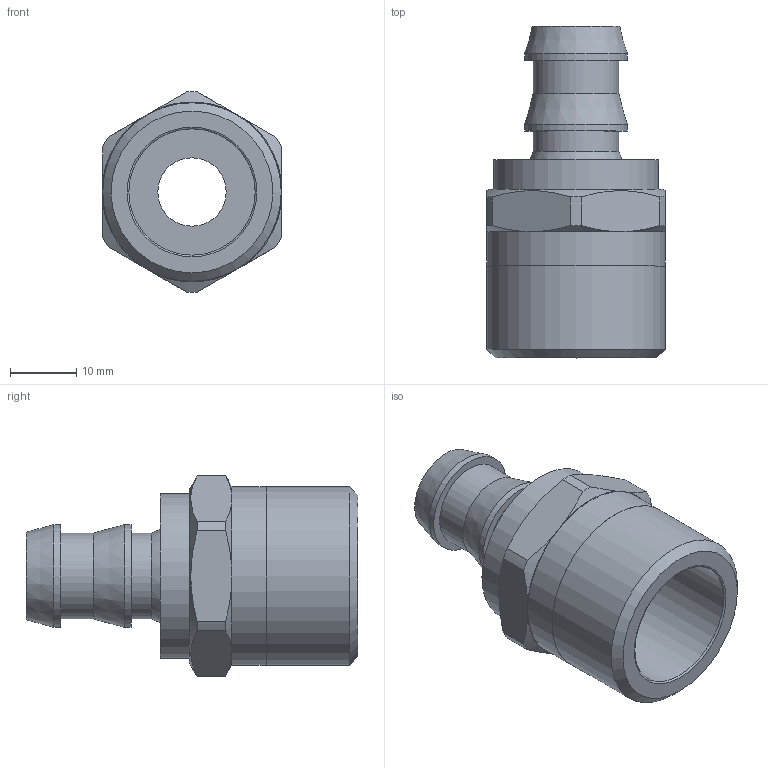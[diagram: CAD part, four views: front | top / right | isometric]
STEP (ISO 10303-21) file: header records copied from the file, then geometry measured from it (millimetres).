
FILE_DESCRIPTION(/* description */ (''),/* implementation_level */ '2;1');
FILE_NAME(/* name */ 'C:/Users/drich/Desktop/PLM-08-12 v1.step',/* time_stamp */ '2020-02-02T14:47:09-06:00',/* author */ (''),/* organization */ (''),/* preprocessor_version */ 'ST-DEVELOPER v18',/* originating_system */ 'Autodesk Translation Framework v8.12.0.6',/* authorisation */ '');
FILE_SCHEMA (('AUTOMOTIVE_DESIGN { 1 0 10303 214 3 1 1 }'));
Length unit declared in the file: inch
Products named in the file (3): PLM-08-12; -08 BARB ONLY; FW-10
Assembly tree (2 placements, depth 2):
  PLM-08-12
    -08 BARB ONLY
    FW-10
Bounding box: 26.97 x 50.04 x 30.22 mm (x, y, z)
Volume: 11199.5 mm3; surface area: 7922.6 mm2
Topology: 3 solids, 3 shells, 57 faces, 150 edges, 105 vertices
Faces by surface type: plane 24, cylinder 20, cone 12, torus 1
Full cylindrical faces by diameter (mm): 10.312 x2, 12.954 x2, 13.894 x1, 14.859 x1, 15.494 x3, 19.05 x1, 22.352 x1, 24.892 x1, 26.924 x1, 26.975 x1
Entity records: 1928 total; most frequent: CARTESIAN_POINT 353, DIRECTION 344, ORIENTED_EDGE 300, EDGE_CURVE 150, AXIS2_PLACEMENT_3D 150, VERTEX_POINT 105, CIRCLE 88, EDGE_LOOP 69
====
=== What is being asked ===
Return exactly the lines of the data, and only those, from the line with "Faces by surface" through the last line, inclusive.

=== Your solution ===
Faces by surface type: plane 24, cylinder 20, cone 12, torus 1
Full cylindrical faces by diameter (mm): 10.312 x2, 12.954 x2, 13.894 x1, 14.859 x1, 15.494 x3, 19.05 x1, 22.352 x1, 24.892 x1, 26.924 x1, 26.975 x1
Entity records: 1928 total; most frequent: CARTESIAN_POINT 353, DIRECTION 344, ORIENTED_EDGE 300, EDGE_CURVE 150, AXIS2_PLACEMENT_3D 150, VERTEX_POINT 105, CIRCLE 88, EDGE_LOOP 69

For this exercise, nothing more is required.